-- EXERCISE DIRECTIONS --
Look for the word "layers" in the entries below, then copy every line that has it.

::: RECORDS TO PROCESS :::

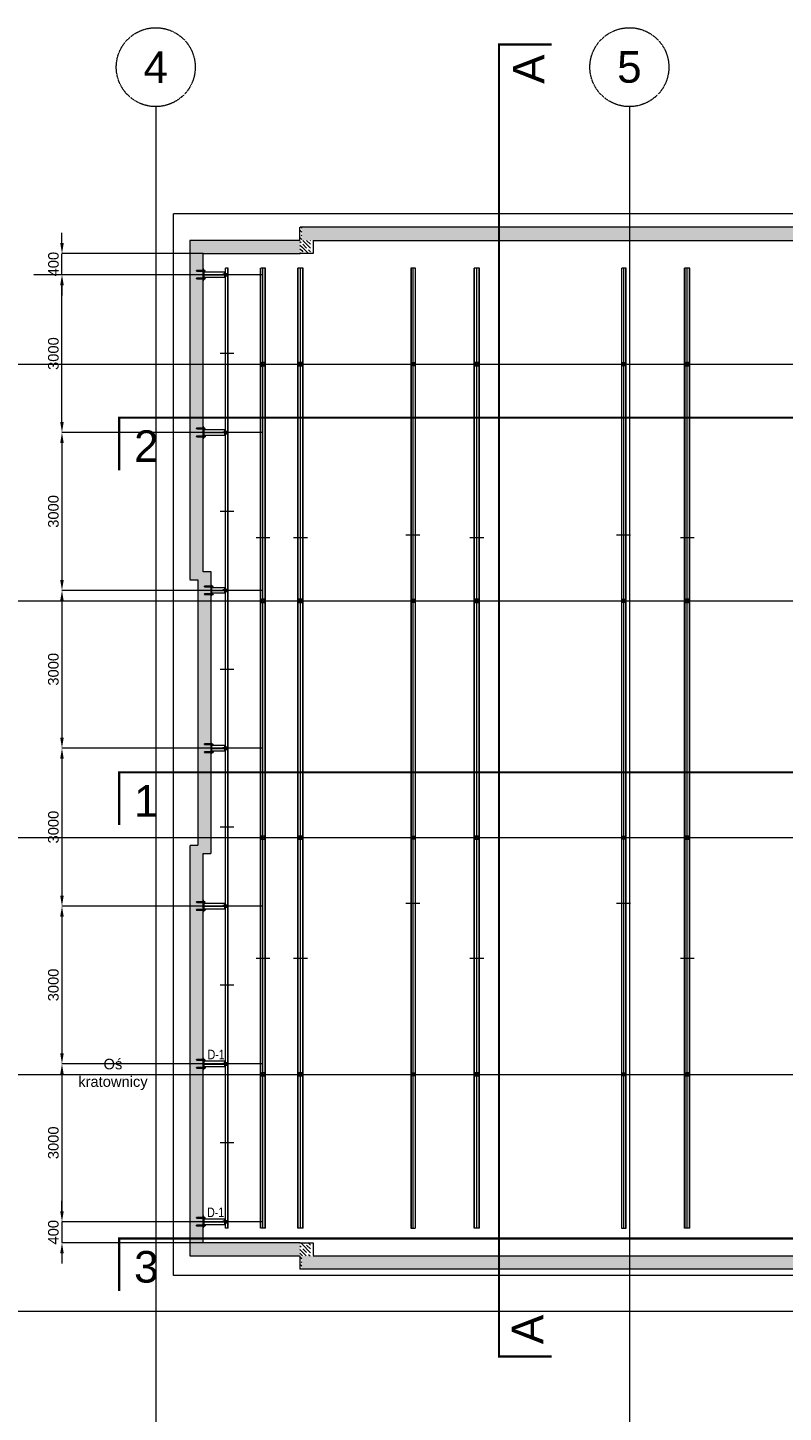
# Model space of a CAD drawing. Header units: millimetres. Extents: x -176817 to 571382, y -58489 to 156123.
# Tile 181 of 256: x 135977 to 150336, y -4589 to 21728. Entities that reach past the tile are written whole.
import ezdxf

# ---------------------------------------------------------------- set-up
doc = ezdxf.new("R2010")
doc.units = ezdxf.units.MM
doc.header["$LTSCALE"] = 0.2
doc.linetypes.add('DASHED', pattern=[19.05, 12.7, -6.35])
doc.linetypes.add('HIDDEN', pattern=[9.525, 6.35, -3.175])
doc.layers.get('0').update_dxf_attribs({"lineweight": 13})
doc.layers.get('Defpoints').update_dxf_attribs({"lineweight": 13})
for name, color, linetype, lineweight in [('-AAA Podkład', 252, 'Continuous', 13), ('-AAA Wymiar', 1, 'Continuous', 18), ('LAYER1', 7, 'Continuous', 13)]:
    doc.layers.add(name, color=color, linetype=linetype, lineweight=lineweight)
doc.styles.get("Standard").update_dxf_attribs({"font": 'arial.ttf'})
doc.dimstyles.new('STANDARD-100', dxfattribs={"dimscale": 100, "dimtxt": 2, "dimasz": 2, "dimexe": 0, "dimexo": 0, "dimgap": 0.6, "dimtad": 1, "dimdec": 0, "dimzin": 12, "dimdsep": 46, "dimtxsty": 'Standard', "dimcen": 1, "dimclrd": 256, "dimclre": 256, "dimclrt": 2, "dimadec": 0, "dimazin": 0, "dimtfac": 1, "dimtdec": 0, "dimtmove": 0, "dimatfit": 3, "dimfxl": 0, "dimtolj": 1, "dimtzin": 0, "dimarcsym": 0})
pattern_1 = [(315, (-27650, 6650), (70.71068, 70.71068), []), (315, (-27650, 6579.5), (70.71068, 70.71068), [100, -50])]

# ---------------------------------------------------------------- blocks, each defined once
blk = doc.blocks.new('*U2')
at = {"color": 0}
for p, q in [((-36, 0), (14, 0)), ((-32, 5), (-31, 6)), ((-32, 5), (-32, -5)), ((-30, 5), (-32, 5)), ((-30, 6), (-31, 6)), ((-30, 8), (-30, -8)), ((-30, 8), (-30, -8)), ((-30, 8), (-30, -8)), ((-20, 5), (-30, 5)), ((-20, 11), (-29, 11)), ((-20, -12), (-20, 12)), ((-20, 8), (-20, -8)), ((-17, 12), (-20, 12)), ((-17, -12), (-17, 12)), ((-17, -12), (-17, 12)), ((0, 6), (-17, 6)), ((-1, 5), (-17, 5)), ((-1, 6), (-1, -6)), ((0, -12), (0, 12)), ((2, 12), (0, 12)), ((2, -12), (2, 12)), ((2, 9), (2, -9)), ((3, 11), (3, -11)), ((10, 11), (3, 11)), ((2, 9), (3, 9)), ((10, 5), (3, 5)), ((10, 8), (10, -8)), ((-32, -5), (-31, -6)), ((-30, -5), (-32, -5)), ((-30, -6), (-31, -6)), ((-20, -5), (-30, -5)), ((-20, -11), (-29, -11)), ((-17, -12), (-20, -12)), ((-1, -5), (-17, -5)), ((0, -6), (-17, -6)), ((2, -12), (0, -12)), ((10, -5), (3, -5)), ((2, -9), (3, -9)), ((10, -11), (3, -11))]:
    blk.add_line(p, q, dxfattribs=at)
for centre, radius, start, end in [((-25, 8), 4.47, 141.9467, 218.0533), ((-13, 0), 16.3, 160.3279, 199.6721), ((-24, 8), 4.47, 321.9467, 38.0533), ((-36, 0), 16.3, 340.3279, 19.6721), ((6, 8), 4.47, 321.9467, 38.0533), ((-6, 0), 16.3, 340.3279, 19.6721), ((-25, -8), 4.47, 141.9467, 218.0533), ((-24, -8), 4.47, 321.9467, 38.0533), ((6, -8), 4.47, 321.9467, 38.0533)]:
    blk.add_arc(centre, radius, start, end, dxfattribs=at)
blk = doc.blocks.new('CLMP2', base_point=(-240.02793, 677.2178))
at = {"layer": 'LAYER1', "color": 0, "linetype": 'Continuous'}
for p, q in [((-228.02793, 842.16751), (-235.02793, 839.69709)), ((-235.02793, 727.51421), (-235.02793, 839.69709)), ((-234.02793, 838.76421), (-222.02793, 838.76421)), ((-234.02793, 838.76421), (-234.02793, 730.17843)), ((-232.95793, 835.3444), (-232.95793, 730.17843)), ((-228.02793, 842.16751), (-228.02793, 677.2178)), ((-228.02793, 842.16751), (-221.02793, 839.69709)), ((-223.09793, 835.3444), (-223.09793, 730.17843)), ((-222.02793, 838.76421), (-222.02793, 730.17843)), ((-221.02793, 727.51421), (-221.02793, 839.69709)), ((-216.02793, 704.85), (-240.02793, 704.85)), ((-240.02793, 704.85), (-240.02793, 702.35)), ((-216.02793, 702.35), (-240.02793, 702.35)), ((-238.99758, 701.50149), (-237.52793, 702.35)), ((-238.99758, 701.50149), (-238.99758, 693.19851)), ((-238.99758, 693.19851), (-237.52793, 692.35)), ((-218.52793, 702.35), (-237.52793, 702.35)), ((-237.52793, 692.35), (-218.52793, 692.35)), ((-228.02793, 727.51421), (-235.02793, 727.51421)), ((-234.02793, 730.17843), (-233.32082, 729.47132)), ((-228.02793, 730.17843), (-234.02793, 730.17843)), ((-234.02793, 724.85), (-233.32082, 725.55711)), ((-234.02793, 724.85), (-234.02793, 704.85)), ((-228.02793, 724.85), (-234.02793, 724.85)), ((-234.02793, 692.35), (-234.02793, 687.69169)), ((-222.02793, 687.69169), (-234.02793, 687.69169)), ((-232.41059, 685.76421), (-234.02793, 687.69169)), ((-233.51276, 701.50149), (-233.51276, 693.19851)), ((-233.02793, 728.76421), (-233.02793, 726.26421)), ((-232.95793, 724.85), (-232.95793, 704.85)), ((-232.95793, 692.35), (-232.95793, 686.41651)), ((-232.41059, 685.76421), (-232.41059, 679.10321)), ((-232.41059, 679.10321), (-231.82342, 678.76421)), ((-232.13688, 728.76421), (-228.02793, 728.76421)), ((-232.13688, 726.26421), (-228.02793, 726.26421)), ((-231.82342, 678.76421), (-224.23243, 678.76421)), ((-230.21926, 685.75575), (-230.21926, 679.10321)), ((-228.02793, 730.17843), (-222.02793, 730.17843)), ((-223.91898, 728.76421), (-228.02793, 728.76421)), ((-228.02793, 727.51421), (-221.02793, 727.51421)), ((-223.91898, 726.26421), (-228.02793, 726.26421)), ((-228.02793, 724.85), (-222.02793, 724.85)), ((-228.02793, 704.85), (-228.02793, 704.85)), ((-225.8366, 685.75575), (-225.8366, 679.10321)), ((-223.64527, 679.10321), (-224.23243, 678.76421)), ((-223.64527, 685.76421), (-222.02793, 687.69169)), ((-223.64527, 685.76421), (-223.64527, 679.10321)), ((-223.09793, 724.85), (-223.09793, 704.85)), ((-223.09793, 692.35), (-223.09793, 686.41651)), ((-223.02793, 728.76421), (-223.02793, 726.26421)), ((-222.02793, 730.17843), (-222.73503, 729.47132)), ((-222.02793, 724.85), (-222.73503, 725.55711)), ((-222.5431, 701.50149), (-222.5431, 693.19851)), ((-222.02793, 724.85), (-222.02793, 704.85)), ((-222.02793, 692.35), (-222.02793, 687.69169)), ((-217.05827, 701.50149), (-218.52793, 702.35)), ((-217.05827, 693.19851), (-218.52793, 692.35)), ((-217.05827, 701.50149), (-217.05827, 693.19851)), ((-216.02793, 704.85), (-216.02793, 702.35))]:
    blk.add_line(p, q, dxfattribs=at)
at = {"layer": 'LAYER1', "color": 0, "linetype": 'DASHED'}
for p, q in [((-234.52793, 704.85), (-234.52793, 702.35)), ((-221.52793, 704.85), (-221.52793, 702.35))]:
    blk.add_line(p, q, dxfattribs=at)
at = {"layer": 'LAYER1', "color": 0, "linetype": 'Continuous'}
for centre, radius, start, end in [((-228.02793, 838.76421), 6, 180, 0), ((-236.23992, 697.54309), 4.80691, 55.434907, 120), ((-236.23992, 697.15691), 4.80691, 240, 304.56509), ((-228.02793, 684.19851), 18.15149, 72.412046, 107.58795), ((-228.02793, 710.50149), 18.15149, 252.41205, 287.58795), ((-234.02793, 728.76421), 1, 0, 45), ((-234.02793, 726.26421), 1, 315, 0), ((-231.30883, 687.33723), 1.92048, 234.99226, 304.56509), ((-231.30883, 680.6847), 1.92048, 240, 304.56509), ((-228.02793, 692.66874), 7.25199, 252.41205, 287.58795), ((-228.02793, 686.0162), 7.25199, 252.41205, 287.58795), ((-224.74703, 687.33723), 1.92048, 235.43491, 305.00774), ((-224.74703, 680.6847), 1.92048, 235.43491, 300), ((-222.02793, 728.76421), 1, 135, 180), ((-222.02793, 726.26421), 1, 180, 225), ((-219.81594, 697.54309), 4.80691, 60, 124.56509), ((-219.81594, 697.15691), 4.80691, 235.43491, 300)]:
    blk.add_arc(centre, radius, start, end, dxfattribs=at)
blk = doc.blocks.new('*D897')
at = {"layer": '-AAA Podkład', "linetype": 'HIDDEN', "lineweight": -2, "ltscale": 5, "transparency": 16777216}
for p, q in [((-2211, -650), (-2432, -650)), ((-2432, -3450), (-2432, -850)), ((-2211, -3650), (-2432, -3650))]:
    blk.add_line(p, q, dxfattribs=at)
at = {"layer": '-AAA Podkład', "linetype": 'HIDDEN', "ltscale": 5, "transparency": 16777216}
for points in [[(-2466, -850), (-2399, -850), (-2432, -650)], [(-2466, -3450), (-2399, -3450), (-2432, -3650)]]:
    blk.add_solid(points, dxfattribs=at)
at = {"layer": 'Defpoints', "color": 0, "linetype": 'HIDDEN', "ltscale": 5, "transparency": 16777216}
for p in [(-2432, -650), (-2211, -650, 0), (-2211, -3650, 0)]:
    blk.add_point(p, dxfattribs=at)
at = {"layer": '-AAA Podkład', "color": 2, "linetype": 'HIDDEN', "ltscale": 5, "transparency": 16777216, "insert": (-2595, -2150), "char_height": 200, "attachment_point": 5, "rotation": 90}
blk.add_mtext('\\A1;3000', dxfattribs=at)
blk = doc.blocks.new('*D898')
at = {"layer": '-AAA Podkład', "linetype": 'HIDDEN', "lineweight": -2, "ltscale": 5, "transparency": 16777216}
for p, q in [((-2211, -3650), (-2432, -3650)), ((-2432, -3850), (-2432, -6450)), ((-2211, -6650), (-2432, -6650))]:
    blk.add_line(p, q, dxfattribs=at)
at = {"layer": '-AAA Podkład', "linetype": 'HIDDEN', "ltscale": 5, "transparency": 16777216}
for points in [[(-2466, -3850), (-2399, -3850), (-2432, -3650)], [(-2466, -6450), (-2399, -6450), (-2432, -6650)]]:
    blk.add_solid(points, dxfattribs=at)
at = {"layer": 'Defpoints', "color": 0, "linetype": 'HIDDEN', "ltscale": 5, "transparency": 16777216}
for p in [(-2211, -3650, 0), (-2432, -6650), (-2211, -6650)]:
    blk.add_point(p, dxfattribs=at)
at = {"layer": '-AAA Podkład', "color": 2, "linetype": 'HIDDEN', "ltscale": 5, "transparency": 16777216, "insert": (-2595, -5150), "char_height": 200, "attachment_point": 5, "rotation": 90}
blk.add_mtext('\\A1;3000', dxfattribs=at)
blk = doc.blocks.new('*D899')
at = {"layer": '-AAA Podkład', "linetype": 'HIDDEN', "lineweight": -2, "ltscale": 5, "transparency": 16777216}
for p, q in [((-2211, -6650), (-2432, -6650)), ((-2432, -6850), (-2432, -9450)), ((-2211, -9650), (-2432, -9650))]:
    blk.add_line(p, q, dxfattribs=at)
at = {"layer": '-AAA Podkład', "linetype": 'HIDDEN', "ltscale": 5, "transparency": 16777216}
for points in [[(-2466, -6850), (-2399, -6850), (-2432, -6650)], [(-2466, -9450), (-2399, -9450), (-2432, -9650)]]:
    blk.add_solid(points, dxfattribs=at)
at = {"layer": 'Defpoints', "color": 0, "linetype": 'HIDDEN', "ltscale": 5, "transparency": 16777216}
for p in [(-2211, -6650, 0), (-2432, -9650), (-2211, -9650, 0)]:
    blk.add_point(p, dxfattribs=at)
at = {"layer": '-AAA Podkład', "color": 2, "linetype": 'HIDDEN', "ltscale": 5, "transparency": 16777216, "insert": (-2595, -8150), "char_height": 200, "attachment_point": 5, "rotation": 90}
blk.add_mtext('\\A1;3000', dxfattribs=at)
blk = doc.blocks.new('*D900')
at = {"layer": '-AAA Podkład', "linetype": 'HIDDEN', "lineweight": -2, "ltscale": 5, "transparency": 16777216}
for p, q in [((-2211, -9650), (-2432, -9650)), ((-2432, -9850), (-2432, -12450)), ((-2211, -12650), (-2432, -12650))]:
    blk.add_line(p, q, dxfattribs=at)
at = {"layer": '-AAA Podkład', "linetype": 'HIDDEN', "ltscale": 5, "transparency": 16777216}
for points in [[(-2466, -9850), (-2399, -9850), (-2432, -9650)], [(-2466, -12450), (-2399, -12450), (-2432, -12650)]]:
    blk.add_solid(points, dxfattribs=at)
at = {"layer": 'Defpoints', "color": 0, "linetype": 'HIDDEN', "ltscale": 5, "transparency": 16777216}
for p in [(-2211, -9650, 0), (-2432, -12650), (-2211, -12650)]:
    blk.add_point(p, dxfattribs=at)
at = {"layer": '-AAA Podkład', "color": 2, "linetype": 'HIDDEN', "ltscale": 5, "transparency": 16777216, "insert": (-2595, -11150), "char_height": 200, "attachment_point": 5, "rotation": 90}
blk.add_mtext('\\A1;3000', dxfattribs=at)
blk = doc.blocks.new('*D901')
at = {"layer": '-AAA Podkład', "linetype": 'HIDDEN', "lineweight": -2, "ltscale": 5, "transparency": 16777216}
for p, q in [((-2211, -12650), (-2432, -12650)), ((-2432, -12850), (-2432, -15450)), ((-2211, -15650), (-2432, -15650))]:
    blk.add_line(p, q, dxfattribs=at)
at = {"layer": '-AAA Podkład', "linetype": 'HIDDEN', "ltscale": 5, "transparency": 16777216}
for points in [[(-2466, -12850), (-2399, -12850), (-2432, -12650)], [(-2466, -15450), (-2399, -15450), (-2432, -15650)]]:
    blk.add_solid(points, dxfattribs=at)
at = {"layer": 'Defpoints', "color": 0, "linetype": 'HIDDEN', "ltscale": 5, "transparency": 16777216}
for p in [(-2211, -12650, 0), (-2432, -15650), (-2211, -15650, 0)]:
    blk.add_point(p, dxfattribs=at)
at = {"layer": '-AAA Podkład', "color": 2, "linetype": 'HIDDEN', "ltscale": 5, "transparency": 16777216, "insert": (-2595, -14150), "char_height": 200, "attachment_point": 5, "rotation": 90}
blk.add_mtext('\\A1;3000', dxfattribs=at)
blk = doc.blocks.new('*D902')
at = {"layer": '-AAA Podkład', "linetype": 'HIDDEN', "lineweight": -2, "ltscale": 5, "transparency": 16777216}
for p, q in [((-2211, -15650), (-2432, -15650)), ((-2432, -15850), (-2432, -18450)), ((-2211, -18650), (-2432, -18650))]:
    blk.add_line(p, q, dxfattribs=at)
at = {"layer": '-AAA Podkład', "linetype": 'HIDDEN', "ltscale": 5, "transparency": 16777216}
for points in [[(-2466, -15850), (-2399, -15850), (-2432, -15650)], [(-2466, -18450), (-2399, -18450), (-2432, -18650)]]:
    blk.add_solid(points, dxfattribs=at)
at = {"layer": 'Defpoints', "color": 0, "linetype": 'HIDDEN', "ltscale": 5, "transparency": 16777216}
for p in [(-2211, -15650, 0), (-2432, -18650), (-2211, -18650)]:
    blk.add_point(p, dxfattribs=at)
at = {"layer": '-AAA Podkład', "color": 2, "linetype": 'HIDDEN', "ltscale": 5, "transparency": 16777216, "insert": (-2595, -17150), "char_height": 200, "attachment_point": 5, "rotation": 90}
blk.add_mtext('\\A1;3000', dxfattribs=at)
blk = doc.blocks.new('*D903')
at = {"layer": '-AAA Podkład', "linetype": 'HIDDEN', "lineweight": -2, "ltscale": 5, "transparency": 16777216}
for p, q in [((-2432, -18450), (-2432, -18250)), ((-2211, -18650), (-2432, -18650)), ((-2432, -18650), (-2432, -19050)), ((250, -19050), (-2432, -19050)), ((-2432, -19250), (-2432, -19450))]:
    blk.add_line(p, q, dxfattribs=at)
at = {"layer": '-AAA Podkład', "linetype": 'HIDDEN', "ltscale": 5, "transparency": 16777216}
for points in [[(-2466, -18450), (-2399, -18450), (-2432, -18650)], [(-2466, -19250), (-2399, -19250), (-2432, -19050)]]:
    blk.add_solid(points, dxfattribs=at)
at = {"layer": 'Defpoints', "color": 0, "linetype": 'HIDDEN', "ltscale": 5, "transparency": 16777216}
for p in [(-2211, -18650, 0), (-2432, -19050), (250, -19050, 0)]:
    blk.add_point(p, dxfattribs=at)
at = {"layer": '-AAA Podkład', "color": 2, "linetype": 'HIDDEN', "ltscale": 5, "transparency": 16777216, "insert": (-2595, -18850), "char_height": 200, "attachment_point": 5, "rotation": 90}
blk.add_mtext('\\A1;400', dxfattribs=at)
blk = doc.blocks.new('*D870')
at = {"layer": '-AAA Podkład', "linetype": 'HIDDEN', "lineweight": -2, "ltscale": 5, "transparency": 16777216}
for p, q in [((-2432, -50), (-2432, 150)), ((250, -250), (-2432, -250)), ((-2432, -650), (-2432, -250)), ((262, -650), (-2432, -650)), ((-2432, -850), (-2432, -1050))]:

:::

-- RESULT OF THIS TASK --
doc.layers.get('0').update_dxf_attribs({"lineweight": 13})
doc.layers.get('Defpoints').update_dxf_attribs({"lineweight": 13})
    doc.layers.add(name, color=color, linetype=linetype, lineweight=lineweight)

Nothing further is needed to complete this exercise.